Sunday, September 3, 2023

Small Changes = Big Results, Not all Vegans are Healthy, and Meat is Meat

Holistic Habits by Cheryl A. Mothes, Ph.D. Natural Health Nutrition Counselor

Content is a daily radio script from my KHIS radio spot - tune in at 6:15 (CST) every morning to Justin and Meredith’s morning show on 89.9 FM. 

The #1 risk for death is our diet, associated with more deaths than any other risk factor––responsible for us losing our parents, siblings, spouses, and friends, because of what they ate and the resulting cardiovascular disease. This is the exciting thing about plant-based diets, which lower the risk of developing cardiovascular disease and risk of dying from it - and in fact, lower the risk of dying from all causes put together. Increasing our intake of plant foods and reducing the intake of animal foods is the key to life longer and stronger – and even more exciting is that small changes make a big improvement! Replacing just 3 percent of animal protein with plant protein resulted in a 10 percent lower overall mortality. It is Meatless Monday and one meatless day a week is about 15% less meat and a great place to start! 

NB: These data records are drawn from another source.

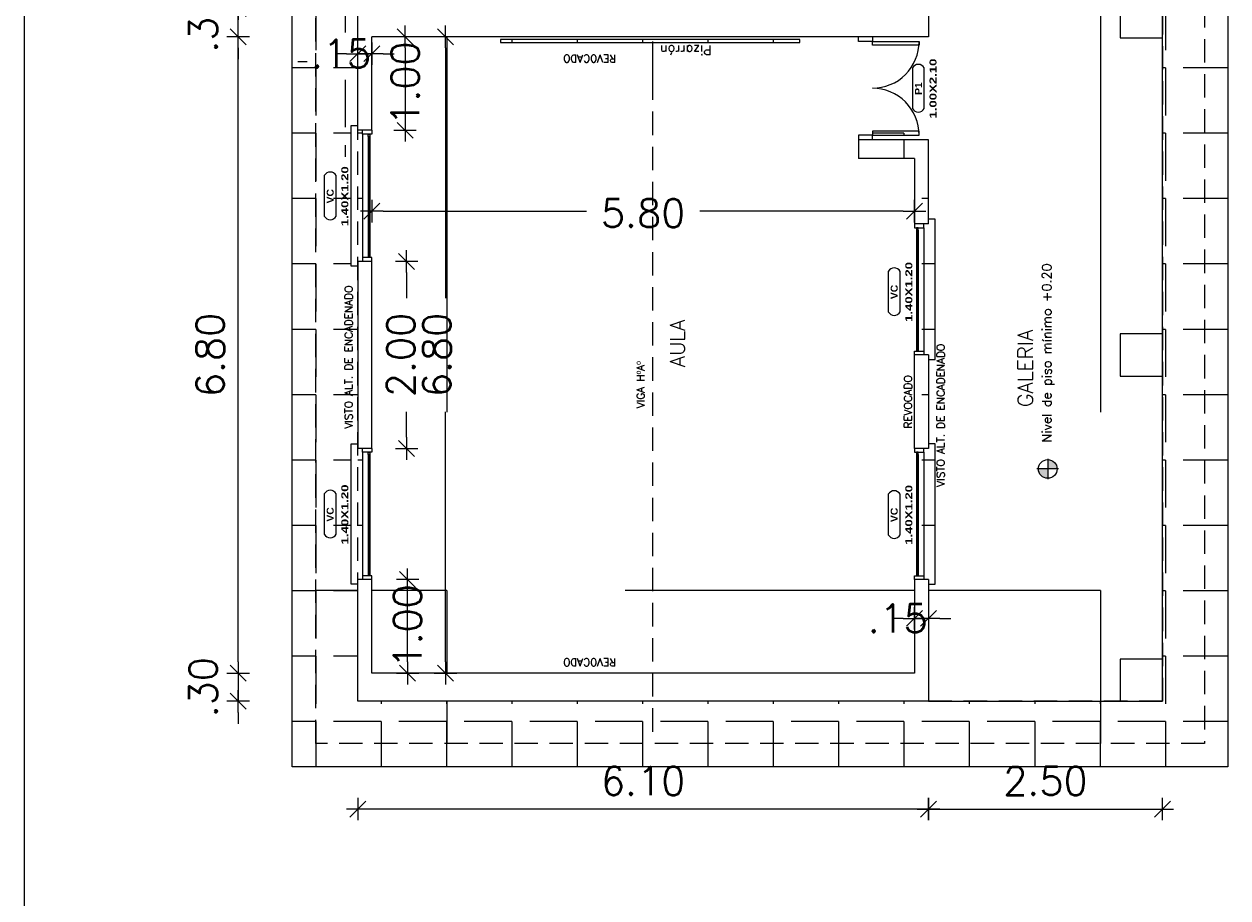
# Model space of a CAD drawing. Header units: millimetres. Extents: x 1990 to 2289, y -735 to 515.
# Tile 30 of 43: x 1990 to 2003, y 460 to 470. Entities that reach past the tile are written whole.
import ezdxf
from ezdxf.enums import TextEntityAlignment as Align

# ---------------------------------------------------------------- set-up
doc = ezdxf.new("R2010")
doc.units = ezdxf.units.MM
doc.linetypes.add('HIDDEN', pattern=[0.375, 0.25, -0.125])
for name, color, linetype in [('COTA', 13, 'Continuous'), ('ESPECARQ', 2, 'Continuous'), ('ESQUADRIA', 2, 'Continuous'), ('LINVISTA', 13, 'Continuous'), ('PAREDE', 6, 'Continuous'), ('piso', 13, 'Continuous'), ('PROJECAO', 13, 'HIDDEN'), ('VIDRO', 1, 'Continuous')]:
    doc.layers.add(name, color=color, linetype=linetype)
doc.styles.add('REGUA60', font='cityb___.ttf', dxfattribs={"width": 1.4})
doc.styles.add('REGUA80', font='simplex.shx')
doc.styles.add('SIMPLEX_8', font='simplex.shx')
doc.dimstyles.new('08', dxfattribs={"dimtxt": 0.25, "dimasz": 0.12, "dimexe": 0, "dimexo": 0, "dimgap": 0.15, "dimtad": 1, "dimzin": 4, "dimdsep": 46, "dimtxsty": 'SIMPLEX_8', "dimblk1": 'D', "dimblk2": 'D', "dimsah": 1, "dimcen": 0.09, "dimse1": 1, "dimse2": 1, "dimclre": 256, "dimclrt": 2, "dimadec": 0, "dimazin": 0, "dimtfac": 1, "dimtmove": 2, "dimatfit": 3, "dimldrblk": 'D', "dimfxl": 1, "dimtolj": 1, "dimtzin": 0, "dimarcsym": 0})

# ---------------------------------------------------------------- blocks, each defined once
blk = doc.blocks.new('INDESQ2')
at = {"color": 0, "linetype": 'ByBlock'}
for p, q in [((4.32, 2.96), (-4.32, 2.96)), ((-4.32, 0.44), (4.32, 0.44))]:
    blk.add_line(p, q, dxfattribs=at)
at = {"color": 0}
for centre, start, end in [((-3.67, 1.7), 117.3654, 242.6346), ((3.67, 1.7), 297.3654, 62.6346)]:
    blk.add_arc(centre, 1.42, start, end, dxfattribs=at)
at = {"style": 'REGUA60', "width": 1.4, "flags": 9}
blk.add_attdef('LOCAL', text='', height=1.5, dxfattribs=at).set_placement((-0.08, -4.35), align=Align.CENTER)
at = {"layer": 'ESPECARQ', "color": 0, "style": 'REGUA60'}
for tag, width, p in [('COD', 1.1, (-0.08, 0.95)), ('DIM', 1.4, (-0.08, -2.17))]:
    blk.add_attdef(tag, text='', height=1.5, dxfattribs=dict(at, width=width)).set_placement(p, align=Align.CENTER)
blk = doc.blocks.new('D')
for p, q in [((-1, 0), (1, 0)), ((0, -1), (0, 1))]:
    blk.add_line(p, q)
at = {"color": 4}
blk.add_line((-0.71, -0.71), (0.71, 0.71), dxfattribs=at)
blk = doc.blocks.new('*D37')
at = {"layer": 'COTA', "color": 0, "lineweight": -2, "transparency": 16777216}
for p, q in [((1955.073, 1344.496), (1955.073, 1341.823)), ((1955.073, 1337.936), (1955.073, 1340.609))]:
    blk.add_line(p, q, dxfattribs=at)
at = {"layer": 'Defpoints', "color": 0, "transparency": 16777216}
for p in [(1954.286, 1344.616), (1955.073, 1344.616), (1954.336, 1337.816)]:
    blk.add_point(p, dxfattribs=at)
at = {"layer": 'COTA', "color": 0, "lineweight": -2, "transparency": 16777216, "xscale": 0.12, "yscale": 0.12, "zscale": 0.12}
for p, rotation in [((1955.073, 1344.616), 90), ((1955.073, 1337.816), 270)]:
    blk.add_blockref('D', p, dxfattribs=dict(at, rotation=rotation))
at = {"layer": 'COTA', "color": 2, "transparency": 16777216, "insert": (1954.982, 1341.216), "char_height": 0.3, "attachment_point": 5, "rotation": 90, "style": 'SIMPLEX_8'}
blk.add_mtext('\\A1;6.80', dxfattribs=at)
blk = doc.blocks.new('*D38')
at = {"layer": 'COTA', "color": 0, "lineweight": -2, "transparency": 16777216}
blk.add_line((1954.668, 1337.936), (1954.668, 1338.696), dxfattribs=at)
at = {"layer": 'Defpoints', "color": 0, "transparency": 16777216}
for p in [(1954.286, 1338.816), (1954.668, 1338.816), (1954.286, 1337.816)]:
    blk.add_point(p, dxfattribs=at)
at = {"layer": 'COTA', "color": 0, "lineweight": -2, "transparency": 16777216, "xscale": 0.12, "yscale": 0.12, "zscale": 0.12}
for p, rotation in [((1954.668, 1338.816), 90), ((1954.668, 1337.816), 270)]:
    blk.add_blockref('D', p, dxfattribs=dict(at, rotation=rotation))
at = {"layer": 'COTA', "color": 2, "transparency": 16777216, "insert": (1954.668, 1338.316), "char_height": 0.3, "attachment_point": 5, "rotation": 90, "style": 'SIMPLEX_8'}
blk.add_mtext('\\A1;1.00', dxfattribs=at)
blk = doc.blocks.new('*D39')
at = {"layer": 'COTA', "color": 0, "lineweight": -2, "transparency": 16777216}
blk.add_line((1954.641, 1344.496), (1954.641, 1343.736), dxfattribs=at)
at = {"layer": 'Defpoints', "color": 0, "transparency": 16777216}
for p in [(1954.286, 1344.616), (1954.286, 1343.616), (1954.641, 1343.616)]:
    blk.add_point(p, dxfattribs=at)
at = {"layer": 'COTA', "color": 0, "lineweight": -2, "transparency": 16777216, "xscale": 0.12, "yscale": 0.12, "zscale": 0.12}
for p, rotation in [((1954.641, 1344.616), 90), ((1954.641, 1343.616), 270)]:
    blk.add_blockref('D', p, dxfattribs=dict(at, rotation=rotation))
at = {"layer": 'COTA', "color": 2, "transparency": 16777216, "insert": (1954.641, 1344.116), "char_height": 0.3, "attachment_point": 5, "rotation": 90, "style": 'SIMPLEX_8'}
blk.add_mtext('\\A1;1.00', dxfattribs=at)
blk = doc.blocks.new('*D40')
at = {"layer": 'COTA', "color": 0, "lineweight": -2, "transparency": 16777216}
for p, q in [((1954.658, 1342.096), (1954.658, 1341.823)), ((1954.658, 1340.336), (1954.658, 1340.609))]:
    blk.add_line(p, q, dxfattribs=at)
at = {"layer": 'Defpoints', "color": 0, "transparency": 16777216}
for p in [(1954.286, 1342.216), (1954.286, 1340.216), (1954.658, 1340.216)]:
    blk.add_point(p, dxfattribs=at)
at = {"layer": 'COTA', "color": 0, "lineweight": -2, "transparency": 16777216, "xscale": 0.12, "yscale": 0.12, "zscale": 0.12}
for p, rotation in [((1954.658, 1342.216), 90), ((1954.658, 1340.216), 270)]:
    blk.add_blockref('D', p, dxfattribs=dict(at, rotation=rotation))
at = {"layer": 'COTA', "color": 2, "transparency": 16777216, "insert": (1954.597, 1341.216), "char_height": 0.3, "attachment_point": 5, "rotation": 90, "style": 'SIMPLEX_8'}
blk.add_mtext('\\A1;2.00', dxfattribs=at)
blk = doc.blocks.new('*D41')
at = {"layer": 'COTA', "color": 0, "lineweight": -2, "transparency": 16777216}
for p, q in [((1954.406, 1342.752), (1956.579, 1342.752)), ((1959.966, 1342.752), (1957.793, 1342.752))]:
    blk.add_line(p, q, dxfattribs=at)
at = {"layer": 'Defpoints', "color": 0, "transparency": 16777216}
for p in [(1960.086, 1342.752), (1954.286, 1341.675), (1960.086, 1340.375)]:
    blk.add_point(p, dxfattribs=at)
at = {"layer": 'COTA', "color": 0, "lineweight": -2, "transparency": 16777216, "xscale": 0.12, "yscale": 0.12, "zscale": 0.12, "rotation": 180}
blk.add_blockref('D', (1954.286, 1342.752), dxfattribs=at)
at = {"layer": 'COTA', "color": 0, "lineweight": -2, "transparency": 16777216, "xscale": 0.12, "yscale": 0.12, "zscale": 0.12}
blk.add_blockref('D', (1960.086, 1342.752), dxfattribs=at)
at = {"layer": 'COTA', "color": 2, "transparency": 16777216, "insert": (1957.186, 1342.73), "char_height": 0.3, "attachment_point": 5, "style": 'SIMPLEX_8'}
blk.add_mtext('\\A1;5.80', dxfattribs=at)
blk = doc.blocks.new('*D42')
at = {"layer": 'COTA', "color": 0, "lineweight": -2, "transparency": 16777216}
for p, q in [((1954.016, 1344.435), (1953.896, 1344.435)), ((1954.286, 1344.435), (1954.136, 1344.435)), ((1954.406, 1344.435), (1954.526, 1344.435))]:
    blk.add_line(p, q, dxfattribs=at)
at = {"layer": 'Defpoints', "color": 0, "transparency": 16777216}
for p in [(1954.136, 1344.616), (1954.286, 1344.616), (1954.136, 1344.435)]:
    blk.add_point(p, dxfattribs=at)
at = {"layer": 'COTA', "color": 0, "lineweight": -2, "transparency": 16777216, "xscale": 0.12, "yscale": 0.12, "zscale": 0.12}
blk.add_blockref('D', (1954.136, 1344.435), dxfattribs=at)
at = {"layer": 'COTA', "color": 0, "lineweight": -2, "transparency": 16777216, "xscale": 0.12, "yscale": 0.12, "zscale": 0.12, "rotation": 180}
blk.add_blockref('D', (1954.286, 1344.435), dxfattribs=at)
at = {"layer": 'COTA', "color": 2, "transparency": 16777216, "insert": (1953.956, 1344.435), "char_height": 0.3, "attachment_point": 5, "style": 'SIMPLEX_8'}
blk.add_mtext('\\A1;.15', dxfattribs=at)
blk = doc.blocks.new('*D43')
at = {"layer": 'COTA', "color": 0, "lineweight": -2, "transparency": 16777216}
for p, q in [((1959.966, 1338.402), (1959.846, 1338.402)), ((1960.236, 1338.402), (1960.086, 1338.402)), ((1960.356, 1338.402), (1960.476, 1338.402))]:
    blk.add_line(p, q, dxfattribs=at)
at = {"layer": 'Defpoints', "color": 0, "transparency": 16777216}
for p in [(1960.086, 1338.402), (1960.236, 1338.402), (1960.086, 139.861)]:
    blk.add_point(p, dxfattribs=at)
at = {"layer": 'COTA', "color": 0, "lineweight": -2, "transparency": 16777216, "xscale": 0.12, "yscale": 0.12, "zscale": 0.12}
blk.add_blockref('D', (1960.086, 1338.402), dxfattribs=at)
at = {"layer": 'COTA', "color": 0, "lineweight": -2, "transparency": 16777216, "xscale": 0.12, "yscale": 0.12, "zscale": 0.12, "rotation": 180}
blk.add_blockref('D', (1960.236, 1338.402), dxfattribs=at)
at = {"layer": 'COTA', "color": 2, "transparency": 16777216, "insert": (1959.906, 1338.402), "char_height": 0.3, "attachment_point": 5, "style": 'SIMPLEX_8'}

It's Transition Tuesday and a fantastic resource for transitioning to a healthier lifestyle is a website called "Running on Real Food"  It’s so much fun to exploit the author’s site and there are many recipes and tips.  There is also a “How to Transition to a Plant-based Diet” guide that’s excellent.  Have a terrific Tuesday everyone! 

Healthy plant-based diets are associated with a lower risk of all-cause mortality. Increasing consumption of plant foods, while decreasing intake of animal foods does not mean drinking cola and eating Oreos – yes, they are plant-based! Simply avoiding animal products is not enough – the best diet is one made of whole foods that are plant-based, where nothing has been added and nothing has been taken away. In an eight-week whole food plant-based program in which two dozen who were already eating vegetarian, or vegan moved to whole foods, there was significant weight loss and reductions in cholesterol – like dropping ten pounds and 15 cholesterol points. On this wonderful Wednesday, plantify your plates with whole foods! 

Researchers separately scored the quality of different animal foods in an animal-based Diet Quality Index. For example, if you consider processed meats and red meats as unhealthy animal foods, but fish, seafood, dairy, and poultry as healthy animal foods, they found no association for the quality of animal foods––meaning they seemed just as bad in terms of cancer mortality, heart disease mortality, and death from all causes combined.  Remember, the #1 risk to our health is the Standard American Diet, most importantly the amount of cardiovascular disease it causes. You can live longer, stronger, and better by replacing animal foods with real foods that are plants – beans, nuts, seeds, vegetables, grains, and fruits! 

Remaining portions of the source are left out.